Saved entries:
··········
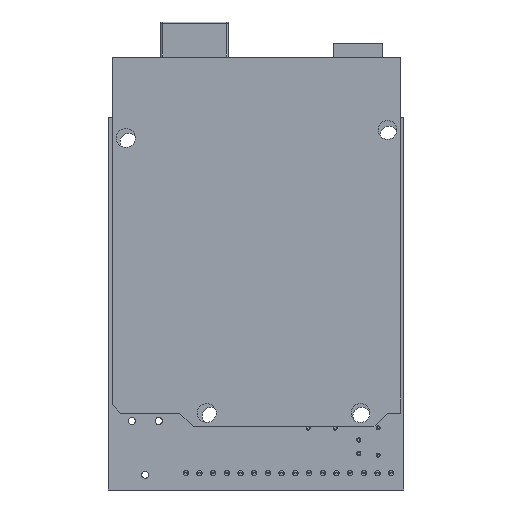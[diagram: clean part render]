
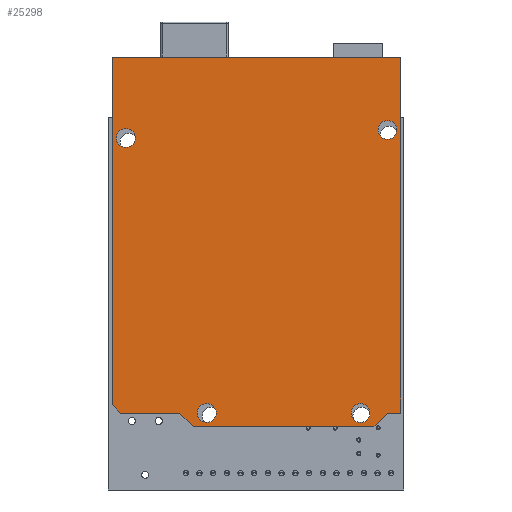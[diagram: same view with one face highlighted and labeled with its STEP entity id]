
A CAD part, front view. The second image highlights one B-rep face of the part: STEP entity #25298.
In plain terms, the highlighted planar face has unit normal (0, -1, 0) as drawn and (0, 0, -1) by its records, which use the part's own axes.
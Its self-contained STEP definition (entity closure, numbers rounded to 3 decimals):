
#448 = AXIS2_PLACEMENT_3D ( 'NONE', #1362, #45903, #23654 ) ;
#1362 = CARTESIAN_POINT ( 'NONE',  ( -55., 2.5, 0. ) ) ;
#1380 = AXIS2_PLACEMENT_3D ( 'NONE', #42002, #69672, #36952 ) ;
#2017 = CARTESIAN_POINT ( 'NONE',  ( -2.5, 41., 0. ) ) ;
#2189 = VERTEX_POINT ( 'NONE', #56214 ) ;
#2303 = FACE_BOUND ( 'NONE', #27620, .T. ) ;
#2812 = VERTEX_POINT ( 'NONE', #13986 ) ;
#3493 = VERTEX_POINT ( 'NONE', #58564 ) ;
#3758 = ORIENTED_EDGE ( 'NONE', *, *, #45085, .T. ) ;
#4398 = ORIENTED_EDGE ( 'NONE', *, *, #42079, .T. ) ;
#5569 = DIRECTION ( 'NONE',  ( 0., -1., 0. ) ) ;
#6139 = EDGE_CURVE ( 'NONE', #68402, #61074, #15594, .T. ) ;
#7050 = CARTESIAN_POINT ( 'NONE',  ( -51.75, 51., 0. ) ) ;
#7131 = ORIENTED_EDGE ( 'NONE', *, *, #6139, .T. ) ;
#7762 = LINE ( 'NONE', #2017, #50706 ) ;
#7791 = CARTESIAN_POINT ( 'NONE',  ( -2.5, 52., 0. ) ) ;
#9020 = VERTEX_POINT ( 'NONE', #22094 ) ;
#9151 = VERTEX_POINT ( 'NONE', #28226 ) ;
#9669 = CARTESIAN_POINT ( 'NONE',  ( 0., 5., 0. ) ) ;
#9865 = AXIS2_PLACEMENT_3D ( 'NONE', #54767, #50746, #17001 ) ;
#10188 = DIRECTION ( 'NONE',  ( 0., -1., 0. ) ) ;
#10349 = LINE ( 'NONE', #9669, #50386 ) ;
#10479 = ORIENTED_EDGE ( 'NONE', *, *, #20111, .T. ) ;
#10608 = CARTESIAN_POINT ( 'NONE',  ( -2.5, 2.5, 0. ) ) ;
#10680 = ORIENTED_EDGE ( 'NONE', *, *, #67973, .T. ) ;
#10848 = DIRECTION ( 'NONE',  ( 0., 0., 1. ) ) ;
#12044 = DIRECTION ( 'NONE',  ( 0., 0., 1. ) ) ;
#13569 = DIRECTION ( 'NONE',  ( -1., 0., 0. ) ) ;
#13702 = CARTESIAN_POINT ( 'NONE',  ( -68.5, 53.5, 0. ) ) ;
#13827 = CARTESIAN_POINT ( 'NONE',  ( -68.5, 0., 0. ) ) ;
#13986 = CARTESIAN_POINT ( 'NONE',  ( -53.25, 2.5, 0. ) ) ;
#15594 = CIRCLE ( 'NONE', #67205, 1.75 ) ;
#16517 = VECTOR ( 'NONE', #51613, 1000. ) ;
#16747 = CARTESIAN_POINT ( 'NONE',  ( -53.5, 51., 0. ) ) ;
#17001 = DIRECTION ( 'NONE',  ( 1., 0., 0. ) ) ;
#17087 = EDGE_CURVE ( 'NONE', #64199, #29121, #23565, .T. ) ;
#17694 = DIRECTION ( 'NONE',  ( 0.707, -0.707, 0. ) ) ;
#18852 = VECTOR ( 'NONE', #5569, 1000. ) ;
#19442 = EDGE_CURVE ( 'NONE', #9151, #47983, #60360, .T. ) ;
#19531 = FACE_OUTER_BOUND ( 'NONE', #22491, .T. ) ;
#20005 = CARTESIAN_POINT ( 'NONE',  ( -2.5, 0., 0. ) ) ;
#20111 = EDGE_CURVE ( 'NONE', #2189, #64138, #57901, .T. ) ;
#21730 = LINE ( 'NONE', #10608, #18852 ) ;
#22094 = CARTESIAN_POINT ( 'NONE',  ( 0., 5., 0. ) ) ;
#22144 = VERTEX_POINT ( 'NONE', #27572 ) ;
#22491 = EDGE_LOOP ( 'NONE', ( #42117, #10479, #54357, #10680, #35743, #70674, #3758, #37414, #61928 ) ) ;
#22786 = CARTESIAN_POINT ( 'NONE',  ( -2.5, 52., 0. ) ) ;
#22881 = VERTEX_POINT ( 'NONE', #57984 ) ;
#23072 = LINE ( 'NONE', #33529, #32779 ) ;
#23140 = CARTESIAN_POINT ( 'NONE',  ( -4., 53.5, 0. ) ) ;
#23565 = CIRCLE ( 'NONE', #35061, 1.75 ) ;
#23654 = DIRECTION ( 'NONE',  ( 1., 0., 0. ) ) ;
#23676 = EDGE_CURVE ( 'NONE', #70199, #22881, #21730, .T. ) ;
#23862 = CARTESIAN_POINT ( 'NONE',  ( -4.25, 36., 0. ) ) ;
#23954 = LINE ( 'NONE', #7791, #16517 ) ;
#24229 = FACE_BOUND ( 'NONE', #50612, .T. ) ;
#24607 = CARTESIAN_POINT ( 'NONE',  ( -2.5, 41., 0. ) ) ;
#24818 = ORIENTED_EDGE ( 'NONE', *, *, #54875, .T. ) ;
#24952 = FACE_BOUND ( 'NONE', #52578, .T. ) ;
#25009 = CARTESIAN_POINT ( 'NONE',  ( -53.5, 51., 0. ) ) ;
#25298 = ADVANCED_FACE ( 'NONE', ( #19531, #24952, #2303, #24229, #41490 ), #46856, .F. ) ;
#25419 = EDGE_CURVE ( 'NONE', #3493, #9020, #37537, .T. ) ;
#25438 = EDGE_CURVE ( 'NONE', #64138, #52190, #23072, .T. ) ;
#27572 = CARTESIAN_POINT ( 'NONE',  ( -68.5, 0., 0. ) ) ;
#27620 = EDGE_LOOP ( 'NONE', ( #4398, #7131 ) ) ;
#28226 = CARTESIAN_POINT ( 'NONE',  ( -55.25, 51., 0. ) ) ;
#28784 = EDGE_CURVE ( 'NONE', #31357, #2812, #48419, .T. ) ;
#29103 = EDGE_CURVE ( 'NONE', #41903, #3493, #7762, .T. ) ;
#29121 = VERTEX_POINT ( 'NONE', #50885 ) ;
#29180 = DIRECTION ( 'NONE',  ( 1., 0., 0. ) ) ;
#29343 = VECTOR ( 'NONE', #10188, 1000. ) ;
#30042 = DIRECTION ( 'NONE',  ( 0.707, -0.707, 0. ) ) ;
#31357 = VERTEX_POINT ( 'NONE', #31376 ) ;
#31376 = CARTESIAN_POINT ( 'NONE',  ( -56.75, 2.5, 0. ) ) ;
#32469 = CARTESIAN_POINT ( 'NONE',  ( -2.5, 36., 0. ) ) ;
#32779 = VECTOR ( 'NONE', #17694, 1000. ) ;
#33529 = CARTESIAN_POINT ( 'NONE',  ( -4., 53.5, 0. ) ) ;
#35061 = AXIS2_PLACEMENT_3D ( 'NONE', #32469, #41847, #36800 ) ;
#35438 = DIRECTION ( 'NONE',  ( 0., 0., 1. ) ) ;
#35570 = ORIENTED_EDGE ( 'NONE', *, *, #51465, .T. ) ;
#35743 = ORIENTED_EDGE ( 'NONE', *, *, #29103, .T. ) ;
#36102 = DIRECTION ( 'NONE',  ( 0., 0., 1. ) ) ;
#36441 = EDGE_CURVE ( 'NONE', #22144, #2189, #63051, .T. ) ;
#36800 = DIRECTION ( 'NONE',  ( 1., 0., 0. ) ) ;
#36952 = DIRECTION ( 'NONE',  ( 1., 0., 0. ) ) ;
#37343 = CARTESIAN_POINT ( 'NONE',  ( -4.25, 7.5, 0. ) ) ;
#37414 = ORIENTED_EDGE ( 'NONE', *, *, #23676, .T. ) ;
#37537 = LINE ( 'NONE', #43600, #29343 ) ;
#39649 = VECTOR ( 'NONE', #41882, 1000. ) ;
#40487 = VECTOR ( 'NONE', #29180, 1000. ) ;
#40541 = LINE ( 'NONE', #20005, #40674 ) ;
#40674 = VECTOR ( 'NONE', #13569, 1000. ) ;
#41490 = FACE_BOUND ( 'NONE', #52503, .T. ) ;
#41847 = DIRECTION ( 'NONE',  ( 0., 0., 1. ) ) ;
#41882 = DIRECTION ( 'NONE',  ( 0., 1., 0. ) ) ;
#41903 = VERTEX_POINT ( 'NONE', #24607 ) ;
#42002 = CARTESIAN_POINT ( 'NONE',  ( -55., 2.5, 0. ) ) ;
#42079 = EDGE_CURVE ( 'NONE', #61074, #68402, #62829, .T. ) ;
#42117 = ORIENTED_EDGE ( 'NONE', *, *, #36441, .T. ) ;
#43600 = CARTESIAN_POINT ( 'NONE',  ( 0., 38.5, 0. ) ) ;
#45085 = EDGE_CURVE ( 'NONE', #9020, #70199, #10349, .T. ) ;
#45448 = CARTESIAN_POINT ( 'NONE',  ( -0.75, 7.5, 0. ) ) ;
#45598 = AXIS2_PLACEMENT_3D ( 'NONE', #53710, #59460, #70589 ) ;
#45903 = DIRECTION ( 'NONE',  ( 0., 0., 1. ) ) ;
#46856 = PLANE ( 'NONE',  #56868 ) ;
#47889 = CARTESIAN_POINT ( 'NONE',  ( -2.5, 7.5, 0. ) ) ;
#47983 = VERTEX_POINT ( 'NONE', #7050 ) ;
#48097 = DIRECTION ( 'NONE',  ( -0.707, -0.707, 0. ) ) ;
#48419 = CIRCLE ( 'NONE', #1380, 1.75 ) ;
#49628 = DIRECTION ( 'NONE',  ( 1., 0., 0. ) ) ;
#50386 = VECTOR ( 'NONE', #48097, 1000. ) ;
#50506 = EDGE_CURVE ( 'NONE', #22881, #22144, #40541, .T. ) ;
#50612 = EDGE_LOOP ( 'NONE', ( #68558, #24818 ) ) ;
#50706 = VECTOR ( 'NONE', #30042, 1000. ) ;
#50746 = DIRECTION ( 'NONE',  ( 0., 0., 1. ) ) ;
#50885 = CARTESIAN_POINT ( 'NONE',  ( -0.75, 36., 0. ) ) ;
#51183 = EDGE_CURVE ( 'NONE', #29121, #64199, #59225, .T. ) ;
#51465 = EDGE_CURVE ( 'NONE', #2812, #31357, #67058, .T. ) ;
#51613 = DIRECTION ( 'NONE',  ( 0., -1., 0. ) ) ;
#52190 = VERTEX_POINT ( 'NONE', #22786 ) ;
#52323 = DIRECTION ( 'NONE',  ( 1., 0., 0. ) ) ;
#52503 = EDGE_LOOP ( 'NONE', ( #63395, #35570 ) ) ;
#52578 = EDGE_LOOP ( 'NONE', ( #57672, #56796 ) ) ;
#53710 = CARTESIAN_POINT ( 'NONE',  ( -2.5, 7.5, 0. ) ) ;
#54357 = ORIENTED_EDGE ( 'NONE', *, *, #25438, .T. ) ;
#54767 = CARTESIAN_POINT ( 'NONE',  ( -2.5, 36., 0. ) ) ;
#54875 = EDGE_CURVE ( 'NONE', #47983, #9151, #61485, .T. ) ;
#56214 = CARTESIAN_POINT ( 'NONE',  ( -68.5, 53.5, 0. ) ) ;
#56796 = ORIENTED_EDGE ( 'NONE', *, *, #51183, .T. ) ;
#56868 = AXIS2_PLACEMENT_3D ( 'NONE', #63385, #36102, #58013 ) ;
#57672 = ORIENTED_EDGE ( 'NONE', *, *, #17087, .T. ) ;
#57901 = LINE ( 'NONE', #13702, #40487 ) ;
#57984 = CARTESIAN_POINT ( 'NONE',  ( -2.5, 0., 0. ) ) ;
#58013 = DIRECTION ( 'NONE',  ( 1., 0., 0. ) ) ;
#58564 = CARTESIAN_POINT ( 'NONE',  ( 0., 38.5, 0. ) ) ;
#59225 = CIRCLE ( 'NONE', #9865, 1.75 ) ;
#59460 = DIRECTION ( 'NONE',  ( 0., 0., 1. ) ) ;
#60360 = CIRCLE ( 'NONE', #61607, 1.75 ) ;
#60922 = DIRECTION ( 'NONE',  ( 1., 0., 0. ) ) ;
#61074 = VERTEX_POINT ( 'NONE', #37343 ) ;
#61485 = CIRCLE ( 'NONE', #66076, 1.75 ) ;
#61607 = AXIS2_PLACEMENT_3D ( 'NONE', #25009, #35438, #52323 ) ;
#61928 = ORIENTED_EDGE ( 'NONE', *, *, #50506, .T. ) ;
#62829 = CIRCLE ( 'NONE', #45598, 1.75 ) ;
#63051 = LINE ( 'NONE', #13827, #39649 ) ;
#63385 = CARTESIAN_POINT ( 'NONE',  ( -2.5, 36., 0. ) ) ;
#63395 = ORIENTED_EDGE ( 'NONE', *, *, #28784, .T. ) ;
#64138 = VERTEX_POINT ( 'NONE', #23140 ) ;
#64199 = VERTEX_POINT ( 'NONE', #23862 ) ;
#66076 = AXIS2_PLACEMENT_3D ( 'NONE', #16747, #12044, #60922 ) ;
#67058 = CIRCLE ( 'NONE', #448, 1.75 ) ;
#67205 = AXIS2_PLACEMENT_3D ( 'NONE', #47889, #10848, #49628 ) ;
#67973 = EDGE_CURVE ( 'NONE', #52190, #41903, #23954, .T. ) ;
#68402 = VERTEX_POINT ( 'NONE', #45448 ) ;
#68558 = ORIENTED_EDGE ( 'NONE', *, *, #19442, .T. ) ;
#69672 = DIRECTION ( 'NONE',  ( 0., 0., 1. ) ) ;
#70199 = VERTEX_POINT ( 'NONE', #71024 ) ;
#70589 = DIRECTION ( 'NONE',  ( 1., 0., 0. ) ) ;
#70674 = ORIENTED_EDGE ( 'NONE', *, *, #25419, .T. ) ;
#71024 = CARTESIAN_POINT ( 'NONE',  ( -2.5, 2.5, 0. ) ) ;
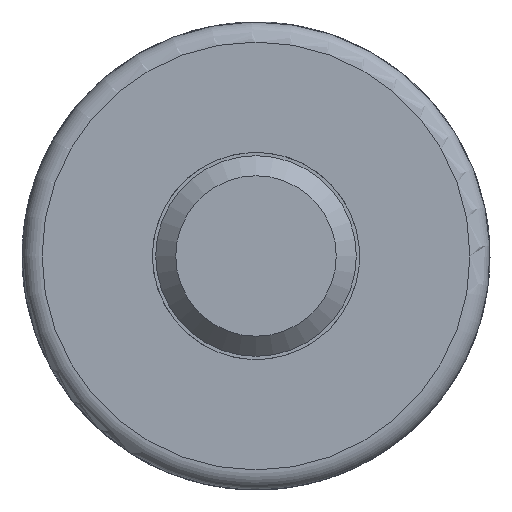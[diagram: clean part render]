
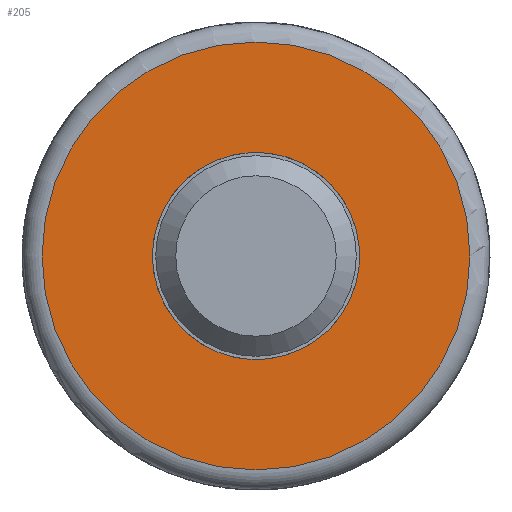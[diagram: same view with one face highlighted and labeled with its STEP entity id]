
A CAD part, front view. The second image highlights one B-rep face of the part: STEP entity #205.
In plain terms, the highlighted planar face has unit normal (0, -1, 0).
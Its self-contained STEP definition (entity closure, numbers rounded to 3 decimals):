
#124=FACE_BOUND('',#333,.T.);
#125=FACE_BOUND('',#334,.T.);
#164=CIRCLE('',#1062,1.55);
#171=CIRCLE('',#1072,3.2);
#205=ADVANCED_FACE('',(#124,#125),#251,.F.);
#251=PLANE('',#1073);
#333=EDGE_LOOP('',(#557));
#334=EDGE_LOOP('',(#558));
#557=ORIENTED_EDGE('',*,*,#883,.T.);
#558=ORIENTED_EDGE('',*,*,#876,.F.);
#764=VERTEX_POINT('',#2422);
#765=VERTEX_POINT('',#2433);
#876=EDGE_CURVE('',#764,#764,#164,.T.);
#883=EDGE_CURVE('',#765,#765,#171,.T.);
#1062=AXIS2_PLACEMENT_3D('',#2421,#1203,#1204);
#1072=AXIS2_PLACEMENT_3D('',#2432,#1223,#1224);
#1073=AXIS2_PLACEMENT_3D('',#2434,#1225,#1226);
#1203=DIRECTION('',(0.,-1.,0.));
#1204=DIRECTION('',(-1.,0.,0.));
#1223=DIRECTION('',(0.,-1.,0.));
#1224=DIRECTION('',(-1.,0.,0.));
#1225=DIRECTION('',(0.,1.,0.));
#1226=DIRECTION('',(-1.,0.,0.));
#2421=CARTESIAN_POINT('',(-23.01,-56.,0.));
#2422=CARTESIAN_POINT('',(-24.56,-56.,0.));
#2432=CARTESIAN_POINT('',(-23.01,-56.,0.));
#2433=CARTESIAN_POINT('',(-26.21,-56.,0.));
#2434=CARTESIAN_POINT('',(-20.02,-56.,0.));
··········
Activity> Only the line with "#9020 = VERTEX_POINT ( 'NONE', #22094 ) ;" and those preceding it, back to the first line of the entries, should be repeated exactly, without pictures.

Written solution>
[diagram: clean part render]
[diagram: same view with one face highlighted and labeled with its STEP entity id]
A CAD part, front view. The second image highlights one B-rep face of the part: STEP entity #25298.
In plain terms, the highlighted planar face has unit normal (0, -1, 0) as drawn and (0, 0, -1) by its records, which use the part's own axes.
Its self-contained STEP definition (entity closure, numbers rounded to 3 decimals):
#448 = AXIS2_PLACEMENT_3D ( 'NONE', #1362, #45903, #23654 ) ;
#1362 = CARTESIAN_POINT ( 'NONE',  ( -55., 2.5, 0. ) ) ;
#1380 = AXIS2_PLACEMENT_3D ( 'NONE', #42002, #69672, #36952 ) ;
#2017 = CARTESIAN_POINT ( 'NONE',  ( -2.5, 41., 0. ) ) ;
#2189 = VERTEX_POINT ( 'NONE', #56214 ) ;
#2303 = FACE_BOUND ( 'NONE', #27620, .T. ) ;
#2812 = VERTEX_POINT ( 'NONE', #13986 ) ;
#3493 = VERTEX_POINT ( 'NONE', #58564 ) ;
#3758 = ORIENTED_EDGE ( 'NONE', *, *, #45085, .T. ) ;
#4398 = ORIENTED_EDGE ( 'NONE', *, *, #42079, .T. ) ;
#5569 = DIRECTION ( 'NONE',  ( 0., -1., 0. ) ) ;
#6139 = EDGE_CURVE ( 'NONE', #68402, #61074, #15594, .T. ) ;
#7050 = CARTESIAN_POINT ( 'NONE',  ( -51.75, 51., 0. ) ) ;
#7131 = ORIENTED_EDGE ( 'NONE', *, *, #6139, .T. ) ;
#7762 = LINE ( 'NONE', #2017, #50706 ) ;
#7791 = CARTESIAN_POINT ( 'NONE',  ( -2.5, 52., 0. ) ) ;
#9020 = VERTEX_POINT ( 'NONE', #22094 ) ;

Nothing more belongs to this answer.